Wed Aug 26 10:25:35 CDT 2009


On Wed, Aug 26, 2009 at 10:08 AM, Skipper Seabold<jsseabold@gmail.com> wrote:
> On Wed, Aug 26, 2009 at 1:45 AM, <josef.pktd@gmail.com> wrote:
>> On Tue, Aug 25, 2009 at 11:38 PM, Charles R
>> Harris<charlesr.harris@gmail.com> wrote:
>>> So is it a bug in the test or a bug in the implementation? The problem is
>>> that the slice values[1:] when
>>> values =  [-120000,39000,30000,21000,37000,46000] contains no negative
>>> number and a nan is returned. This looks like a bug in the test. The
>>> documentation also probably needs fixing.
>>>
>>> Chuck
>>
>> There is a bug in the code, the nan is incorrectly raised. After
>> correcting the nan (checking on the original, instead of shortened
>> values), I got one failing test, that I corrected with the matching
>> number from Openoffice.
>>
>> (The main problem that the function is more complicated than
>> necessary, is because np.npv doesn't allow the inclusion of the
>> investment in the initial period)
>>
>> This needs reviewing, since it's late here.
>>
>> Josef
>>
>>
>> import numpy as np
>> from numpy.testing import assert_almost_equal, assert_
>>
>> from numpy import npv
>>
>> def mirr(values, finance_rate, reinvest_rate):
>>    """
>>    Modified internal rate of return.
>>
>>    Parameters
>>    ----------
>>    values : array_like
>>        Cash flows (must contain at least one positive and one negative value)

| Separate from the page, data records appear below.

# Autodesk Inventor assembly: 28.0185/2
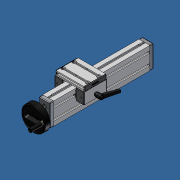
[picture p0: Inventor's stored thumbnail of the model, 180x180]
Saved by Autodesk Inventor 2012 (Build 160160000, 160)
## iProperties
Created: 2007-06
Part Number: 28.0185/2
Document SubType Name: Assembly
Designer: Andy Moles
Description: ADJUSTING UNIT VEN 45X90H WITH SIDE CLAMP
Author: Andy Moles
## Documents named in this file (24)
- C:\Andys Backup Data\ANDY'S INVENTOR\INVENTOR LIBRARIES\PARTS LIBRARY\READY FOR USE MODULES LG\28.0185_2 ADJUSTING UNIT VEN 45X90H WITH SIDE CLAMP.iam
- C:\Andys Backup Data\ANDY'S INVENTOR\INVENTOR LIBRARIES\PARTS LIBRARY\READY FOR USE MODULES LG\SUBCOMPONENTS\50.1264 BALL BEARING 10X30X9 6200 2RS DIN 625.ipt
- C:\Andys Backup Data\ANDY'S INVENTOR\INVENTOR LIBRARIES\PARTS LIBRARY\READY FOR USE MODULES LG\SUBCOMPONENTS\28.0201 BEARING PLATE 45X90 IDLER SIDE.ipt
- C:\Andys Backup Data\ANDY'S INVENTOR\INVENTOR LIBRARIES\PARTS LIBRARY\READY FOR USE MODULES LG\SUBCOMPONENTS\28.0200 BEARING PLATE 45X90 HANDWHEEL SIDE.ipt
- C:\Andys Backup Data\ANDY'S INVENTOR\INVENTOR LIBRARIES\PARTS LIBRARY\READY FOR USE MODULES LG\SUBCOMPONENTS\28.0204 HANDWHEEL 100mm.iam
- C:\Andys Backup Data\ANDY'S INVENTOR\INVENTOR LIBRARIES\PARTS LIBRARY\FASTENING ELEMENTS\NUTS\21.1351 M8 SQUARE NUT.ipt
- C:\Andys Backup Data\ANDY'S INVENTOR\INVENTOR LIBRARIES\PARTS LIBRARY\FASTENING ELEMENTS\SCREWS CAP\21.1204 M8X25.ipt
- C:\Andys Backup Data\ANDY'S INVENTOR\INVENTOR LIBRARIES\PARTS LIBRARY\READY FOR USE MODULES LG\SUBCOMPONENTS\28.0214_1 RAIL 45X90 H PROFILE.ipt
- C:\Andys Backup Data\ANDY'S INVENTOR\INVENTOR LIBRARIES\PARTS LIBRARY\FASTENING ELEMENTS\WASHERS\21.1326 DISC SPRING 20.ipt
- C:\Andys Backup Data\ANDY'S INVENTOR\INVENTOR LIBRARIES\PARTS LIBRARY\READY FOR USE MODULES LG\SUBCOMPONENTS\28.0221 ACME SCREW 16X4.ipt
- C:\Andys Backup Data\ANDY'S INVENTOR\INVENTOR LIBRARIES\PARTS LIBRARY\READY FOR USE MODULES LG\SUBCOMPONENTS\28.0126 SLIDE 45X32.ipt
- C:\Andys Backup Data\ANDY'S INVENTOR\INVENTOR LIBRARIES\PARTS LIBRARY\READY FOR USE MODULES LG\SUBCOMPONENTS\28.0126_9 SIDE LOCK 45X32.ipt
- C:\Andys Backup Data\ANDY'S INVENTOR\INVENTOR LIBRARIES\PARTS LIBRARY\READY FOR USE MODULES LG\SUBCOMPONENTS\28.0222_1 LWN 32X45-45 90X19-NSC.ipt
- 28.0222/1 SLIDE LWN 32X45-45 90X19.ipt
- C:\Andys Backup Data\ANDY'S INVENTOR\INVENTOR LIBRARIES\PARTS LIBRARY\READY FOR USE MODULES LG\SUBCOMPONENTS\28.0256 Nut slide connector 38.5.ipt
- C:\Andys Backup Data\ANDY'S INVENTOR\INVENTOR LIBRARIES\PARTS LIBRARY\READY FOR USE MODULES LG\SUBCOMPONENTS\28.0257 BRONZE NUT 16X4 NOTCHED.ipt
- C:\Andys Backup Data\ANDY'S INVENTOR\INVENTOR LIBRARIES\PARTS LIBRARY\FASTENING ELEMENTS\SCREWS CAP\21.1200 M8X16.ipt
- C:\Andys Backup Data\ANDY'S INVENTOR\INVENTOR LIBRARIES\PARTS LIBRARY\FASTENING ELEMENTS\SCREWS CAP\21.1235 M5X16.ipt
- C:\Andys Backup Data\ANDY'S INVENTOR\INVENTOR LIBRARIES\PARTS LIBRARY\COMPONENTS LG\22.1095 SLIDE RAIL LN.iam
- C:\Andys Backup Data\ANDY'S INVENTOR\INVENTOR LIBRARIES\PARTS LIBRARY\COMPONENTS LG\22.1095_9 SLIDE RAIL LN FOR SIDE LOCK.iam
- C:\Andys Backup Data\ANDY'S INVENTOR\INVENTOR LIBRARIES\PARTS LIBRARY\FASTENING ELEMENTS\NUTS\21.1330 M6 SQUARE NUT.ipt
- C:\Andys Backup Data\ANDY'S INVENTOR\INVENTOR LIBRARIES\PARTS LIBRARY\END CAPS\22.1003_1 END CAP 45x32 Z Gray.iam
- C:\Andys Backup Data\ANDY'S INVENTOR\INVENTOR LIBRARIES\PARTS LIBRARY\END CAPS\22.1014_1 END CAP 90X19 GRAY.ipt
- C:\Andys Backup Data\ANDY'S INVENTOR\INVENTOR LIBRARIES\PARTS LIBRARY\COMPONENTS LG\21.1013_1 SLIDE LOCK WITH M6X50 STUD.ipt
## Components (38 placed, 22 different names)
1. 28.0214_1 RAIL 45X90 H PROFILE:1 — Flush:9, Mate:21, Mate:22, Mate:23, Flush:10, Flush:11, Flush:12, Mate:25, Flush:13, Mate:39, Mate:40
2. 50.1264 10X30X9 6200 2RS DIN 625 BALL BEARING:1 — Insert:10
3. 50.1264 10X30X9 6200 2RS DIN 625 BALL BEARING:2 — Insert:9, Insert:13
4. 28.0201 BEARING PLATE 45X90 IDLER SIDE:1 — Insert:7, Insert:8, Insert:9, Flush:12, Mate:25, Flush:13
5. 28.0200 BEARING PLATE 45X90 HANDWHEEL SIDE:1 — Insert:3, Insert:5, Insert:6, Insert:10, Mate:23, Flush:10, Flush:11
6. 28.0204 HANDWHEEL 100mm:1 [sub-assembly] — Insert:3, Angle:7
7. 21.1204  M8 x 25:1 — Insert:5
8. 21.1204  M8 x 25:2 — Insert:6
9. 21.1204  M8 x 25:3 — Insert:8
10. 21.1204  M8 x 25:4 — Insert:7
11. 21.1326 DISC SPRING 20:1 — Insert:11
12. 21.1326 DISC SPRING 20:2 — Insert:12, Insert:13
13. 28.0221 ACME SCREW 16X4:1 — Insert:11, Insert:12, Angle:7, Mate:41
14. 28.0126 SLIDE 45X32:1 — Mate:27, Flush:14, Flush:15, Mate:33, Flush:19, Mate:34, Insert:26, Insert:29, Angle:14, Angle:17
15. 28.0126_9 SIDE LOCK 45X32:1 — Mate:30, Flush:16, Flush:17, Mate:31, Flush:18, Mate:32, Insert:27, Insert:28, Angle:15, Angle:16, Insert:30
16. 28.0222\1 SLIDE LWN 32X45-45 90X19:1 — Insert:14, Insert:15, Insert:16, Angle:8, Insert:17, Insert:18, Insert:19, Insert:20, Angle:9, Angle:10, Angle:11, Angle:12, Insert:21, Insert:22, Insert:23, Insert:24, Mate:27, Flush:14, Flush:15, Mate:30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
17. 28.0256 Nut slide connector 38.5:1 — Insert:16, Angle:8, Mate:29
18. 28.0257 BRONZE NUT 16X4 NOTCHED:1 — Mate:29, Mate:41
19. 21.1200 M8 x 16:1 — Insert:24
20. 21.1200 M8 x 16:2 — Insert:23
21. 21.1200 M8 x 16:3 — Insert:22
22. 21.1200 M8 x 16:4 — Insert:21
23. 21.1235  M5 x 16:1 — Insert:15
24. 21.1235  M5 x 16:2 — Insert:14
25. 21.1351 M8 SQUARE NUT:2 — Insert:17, Angle:12
26. 21.1351 M8 SQUARE NUT:3 — Insert:20, Angle:11
27. 21.1351 M8 SQUARE NUT:4 — Insert:19, Angle:10
28. 21.1351 M8 SQUARE NUT:5 — Insert:18, Angle:9
29. 21.1013_1 SLIDE LOCK WITH M6X50 STUD:1 — Insert:30, Angle:18, Mate:42
30. 22.1095 SLIDE RAIL LN:1 [sub-assembly] — Mate:33, Flush:19, Mate:34
31. 22.1095_9 SLIDE RAIL LN FOR SIDE LOCK:1 [sub-assembly] — Mate:31, Flush:18, Mate:32, Mate:36, Angle:13, Mate:39, Mate:40
32. 21.1330 M6 SQUARE NUT:1 — Mate:36, Angle:13, Mate:42
33. 22.1003\1 END CAP 45x32 Z Gray:1 [sub-assembly] — Insert:26, Angle:17
34. 22.1003\1 END CAP 45x32 Z Gray:2 [sub-assembly] — Insert:29, Angle:14
35. 22.1003\1 END CAP 45x32 Z Gray:3 [sub-assembly] — Insert:27, Angle:16
36. 22.1003\1 END CAP 45x32 Z Gray:4 [sub-assembly] — Insert:28, Angle:15
37. 22.1014_1 END CAP 90X19 GRAY:1 — Mate:37, Flush:20, Flush:21
38. 22.1014_1 END CAP 90X19 GRAY:2 — Mate:38, Flush:22, Flush:23
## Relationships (71: Insert 26, Mate 18, Flush 15, Angle 12)
- Insert:3: 28.0200 BEARING PLATE 45X90 HANDWHEEL SIDE:1 ↔ 28.0204 HANDWHEEL 100mm:1
- Insert:5: 28.0200 BEARING PLATE 45X90 HANDWHEEL SIDE:1 ↔ 21.1204  M8 x 25:1
- Insert:6: 28.0200 BEARING PLATE 45X90 HANDWHEEL SIDE:1 ↔ 21.1204  M8 x 25:2
- Insert:7: 28.0201 BEARING PLATE 45X90 IDLER SIDE:1 ↔ 21.1204  M8 x 25:4
- Insert:8: 28.0201 BEARING PLATE 45X90 IDLER SIDE:1 ↔ 21.1204  M8 x 25:3
- Insert:9: 50.1264 10X30X9 6200 2RS DIN 625 BALL BEARING:2 ↔ 28.0201 BEARING PLATE 45X90 IDLER SIDE:1
- Insert:10: 50.1264 10X30X9 6200 2RS DIN 625 BALL BEARING:1 ↔ 28.0200 BEARING PLATE 45X90 HANDWHEEL SIDE:1
- Flush:9: 28.0214_1 RAIL 45X90 H PROFILE:1
- Mate:21: 28.0214_1 RAIL 45X90 H PROFILE:1
- Mate:22: 28.0214_1 RAIL 45X90 H PROFILE:1
- Mate:23: 28.0214_1 RAIL 45X90 H PROFILE:1 ↔ 28.0200 BEARING PLATE 45X90 HANDWHEEL SIDE:1
- Flush:10: 28.0214_1 RAIL 45X90 H PROFILE:1 ↔ 28.0200 BEARING PLATE 45X90 HANDWHEEL SIDE:1
- Flush:11: 28.0214_1 RAIL 45X90 H PROFILE:1 ↔ 28.0200 BEARING PLATE 45X90 HANDWHEEL SIDE:1
- Flush:12: 28.0214_1 RAIL 45X90 H PROFILE:1 ↔ 28.0201 BEARING PLATE 45X90 IDLER SIDE:1
- Mate:25: 28.0214_1 RAIL 45X90 H PROFILE:1 ↔ 28.0201 BEARING PLATE 45X90 IDLER SIDE:1
- Flush:13: 28.0214_1 RAIL 45X90 H PROFILE:1 ↔ 28.0201 BEARING PLATE 45X90 IDLER SIDE:1
- Insert:11: 21.1326 DISC SPRING 20:1 ↔ 28.0221 ACME SCREW 16X4:1
- Insert:12: 21.1326 DISC SPRING 20:2 ↔ 28.0221 ACME SCREW 16X4:1
- Angle:7: 28.0204 HANDWHEEL 100mm:1 ↔ 28.0221 ACME SCREW 16X4:1
- Insert:13: 50.1264 10X30X9 6200 2RS DIN 625 BALL BEARING:2 ↔ 21.1326 DISC SPRING 20:2
- Insert:14: 28.0222\1 SLIDE LWN 32X45-45 90X19:1 ↔ 21.1235  M5 x 16:2
- Insert:15: 28.0222\1 SLIDE LWN 32X45-45 90X19:1 ↔ 21.1235  M5 x 16:1
- Insert:16: 28.0222\1 SLIDE LWN 32X45-45 90X19:1 ↔ 28.0256 Nut slide connector 38.5:1
- Angle:8: 28.0222\1 SLIDE LWN 32X45-45 90X19:1 ↔ 28.0256 Nut slide connector 38.5:1
- Insert:17: 28.0222\1 SLIDE LWN 32X45-45 90X19:1 ↔ 21.1351 M8 SQUARE NUT:2
- Insert:18: 28.0222\1 SLIDE LWN 32X45-45 90X19:1 ↔ 21.1351 M8 SQUARE NUT:5
- Insert:19: 28.0222\1 SLIDE LWN 32X45-45 90X19:1 ↔ 21.1351 M8 SQUARE NUT:4
- Insert:20: 28.0222\1 SLIDE LWN 32X45-45 90X19:1 ↔ 21.1351 M8 SQUARE NUT:3
- Angle:9: 28.0222\1 SLIDE LWN 32X45-45 90X19:1 ↔ 21.1351 M8 SQUARE NUT:5
- Angle:10: 28.0222\1 SLIDE LWN 32X45-45 90X19:1 ↔ 21.1351 M8 SQUARE NUT:4
- Angle:11: 28.0222\1 SLIDE LWN 32X45-45 90X19:1 ↔ 21.1351 M8 SQUARE NUT:3
- Angle:12: 28.0222\1 SLIDE LWN 32X45-45 90X19:1 ↔ 21.1351 M8 SQUARE NUT:2
- Insert:21: 28.0222\1 SLIDE LWN 32X45-45 90X19:1 ↔ 21.1200 M8 x 16:4
- Insert:22: 28.0222\1 SLIDE LWN 32X45-45 90X19:1 ↔ 21.1200 M8 x 16:3
- Insert:23: 28.0222\1 SLIDE LWN 32X45-45 90X19:1 ↔ 21.1200 M8 x 16:2
- Insert:24: 28.0222\1 SLIDE LWN 32X45-45 90X19:1 ↔ 21.1200 M8 x 16:1
- Mate:27: 28.0126 SLIDE 45X32:1 ↔ 28.0222\1 SLIDE LWN 32X45-45 90X19:1
- Flush:14: 28.0126 SLIDE 45X32:1 ↔ 28.0222\1 SLIDE LWN 32X45-45 90X19:1
- Flush:15: 28.0126 SLIDE 45X32:1 ↔ 28.0222\1 SLIDE LWN 32X45-45 90X19:1
- Mate:29: 28.0256 Nut slide connector 38.5:1 ↔ 28.0257 BRONZE NUT 16X4 NOTCHED:1
- Mate:30: 28.0126_9 SIDE LOCK 45X32:1 ↔ 28.0222\1 SLIDE LWN 32X45-45 90X19:1
- Flush:16: 28.0126_9 SIDE LOCK 45X32:1 ↔ 28.0222\1 SLIDE LWN 32X45-45 90X19:1
- Flush:17: 28.0126_9 SIDE LOCK 45X32:1 ↔ 28.0222\1 SLIDE LWN 32X45-45 90X19:1
- Mate:31: 28.0126_9 SIDE LOCK 45X32:1 ↔ 22.1095_9 SLIDE RAIL LN FOR SIDE LOCK:1
- Flush:18: 28.0126_9 SIDE LOCK 45X32:1 ↔ 22.1095_9 SLIDE RAIL LN FOR SIDE LOCK:1
- Mate:32: 28.0126_9 SIDE LOCK 45X32:1 ↔ 22.1095_9 SLIDE RAIL LN FOR SIDE LOCK:1
- Mate:33: 28.0126 SLIDE 45X32:1 ↔ 22.1095 SLIDE RAIL LN:1
- Flush:19: 28.0126 SLIDE 45X32:1 ↔ 22.1095 SLIDE RAIL LN:1
- Mate:34: 28.0126 SLIDE 45X32:1 ↔ 22.1095 SLIDE RAIL LN:1
- Mate:36: 22.1095_9 SLIDE RAIL LN FOR SIDE LOCK:1 ↔ 21.1330 M6 SQUARE NUT:1
- Angle:13: 22.1095_9 SLIDE RAIL LN FOR SIDE LOCK:1 ↔ 21.1330 M6 SQUARE NUT:1
- Insert:26: 28.0126 SLIDE 45X32:1 ↔ 22.1003\1 END CAP 45x32 Z Gray:1
- Insert:27: 28.0126_9 SIDE LOCK 45X32:1 ↔ 22.1003\1 END CAP 45x32 Z Gray:3
- Insert:28: 28.0126_9 SIDE LOCK 45X32:1 ↔ 22.1003\1 END CAP 45x32 Z Gray:4
- Insert:29: 28.0126 SLIDE 45X32:1 ↔ 22.1003\1 END CAP 45x32 Z Gray:2
- Angle:14: 28.0126 SLIDE 45X32:1 ↔ 22.1003\1 END CAP 45x32 Z Gray:2
- Angle:15: 28.0126_9 SIDE LOCK 45X32:1 ↔ 22.1003\1 END CAP 45x32 Z Gray:4
- Angle:16: 28.0126_9 SIDE LOCK 45X32:1 ↔ 22.1003\1 END CAP 45x32 Z Gray:3
- Angle:17: 28.0126 SLIDE 45X32:1 ↔ 22.1003\1 END CAP 45x32 Z Gray:1
- Mate:37: 28.0222\1 SLIDE LWN 32X45-45 90X19:1 ↔ 22.1014_1 END CAP 90X19 GRAY:1
- Flush:20: 28.0222\1 SLIDE LWN 32X45-45 90X19:1 ↔ 22.1014_1 END CAP 90X19 GRAY:1
- Flush:21: 28.0222\1 SLIDE LWN 32X45-45 90X19:1 ↔ 22.1014_1 END CAP 90X19 GRAY:1
- Mate:38: 28.0222\1 SLIDE LWN 32X45-45 90X19:1 ↔ 22.1014_1 END CAP 90X19 GRAY:2
- Flush:22: 28.0222\1 SLIDE LWN 32X45-45 90X19:1 ↔ 22.1014_1 END CAP 90X19 GRAY:2
- Flush:23: 28.0222\1 SLIDE LWN 32X45-45 90X19:1 ↔ 22.1014_1 END CAP 90X19 GRAY:2
- Mate:39: 28.0214_1 RAIL 45X90 H PROFILE:1 ↔ 22.1095_9 SLIDE RAIL LN FOR SIDE LOCK:1
- Mate:40: 28.0214_1 RAIL 45X90 H PROFILE:1 ↔ 22.1095_9 SLIDE RAIL LN FOR SIDE LOCK:1
- Mate:41: 28.0221 ACME SCREW 16X4:1 ↔ 28.0257 BRONZE NUT 16X4 NOTCHED:1
- Insert:30: 28.0126_9 SIDE LOCK 45X32:1 ↔ 21.1013_1 SLIDE LOCK WITH M6X50 STUD:1
- Angle:18: 28.0222\1 SLIDE LWN 32X45-45 90X19:1 ↔ 21.1013_1 SLIDE LOCK WITH M6X50 STUD:1
- Mate:42: 21.1013_1 SLIDE LOCK WITH M6X50 STUD:1 ↔ 21.1330 M6 SQUARE NUT:1

>>        or nan is returned.
>>    finance_rate : scalar
>>        Interest rate paid on the cash flows
>>    reinvest_rate : scalar
>>        Interest rate received on the cash flows upon reinvestment
>>
>>    Returns
>>    -------
>>    out : float
>>        Modified internal rate of return
>>
>>    """
>>
>>    values = np.asarray(values, dtype=np.double)
>>    initial = values[0]
>>    values1 = values[1:]
>>    n = values1.size
>>    pos = values1 > 0
>>    neg = values1 < 0
>>    if not (np.sum(values[values>0]) > 0 and np.sum(values[values<0]) < 0):
>>        return np.nan
>>    numer = np.abs(npv(reinvest_rate, values1*pos))
>>    denom = np.abs(npv(finance_rate, values1*neg))
>>    if initial > 0:
>>        return ((initial + numer) / denom)**(1.0/n)*(1 + reinvest_rate) - 1
>>    else:
>>        return ((numer / (-initial + denom)))**(1.0/n)*(1 + reinvest_rate) - 1
>>
>>
>>
>>
>>
>> #tests from testsuite and Skipper plus isnan test
>>
>> v1 = [-4500,-800,800,800,600,600,800,800,700,3000]
>> print mirr(v1,0.08,0.055)
>> assert_almost_equal(mirr(v1,0.08,0.055),
>>                    0.0666, 4)
>>
>> #incorrect test ? corrected
>> v2 = [-120000,39000,30000,21000,37000,46000]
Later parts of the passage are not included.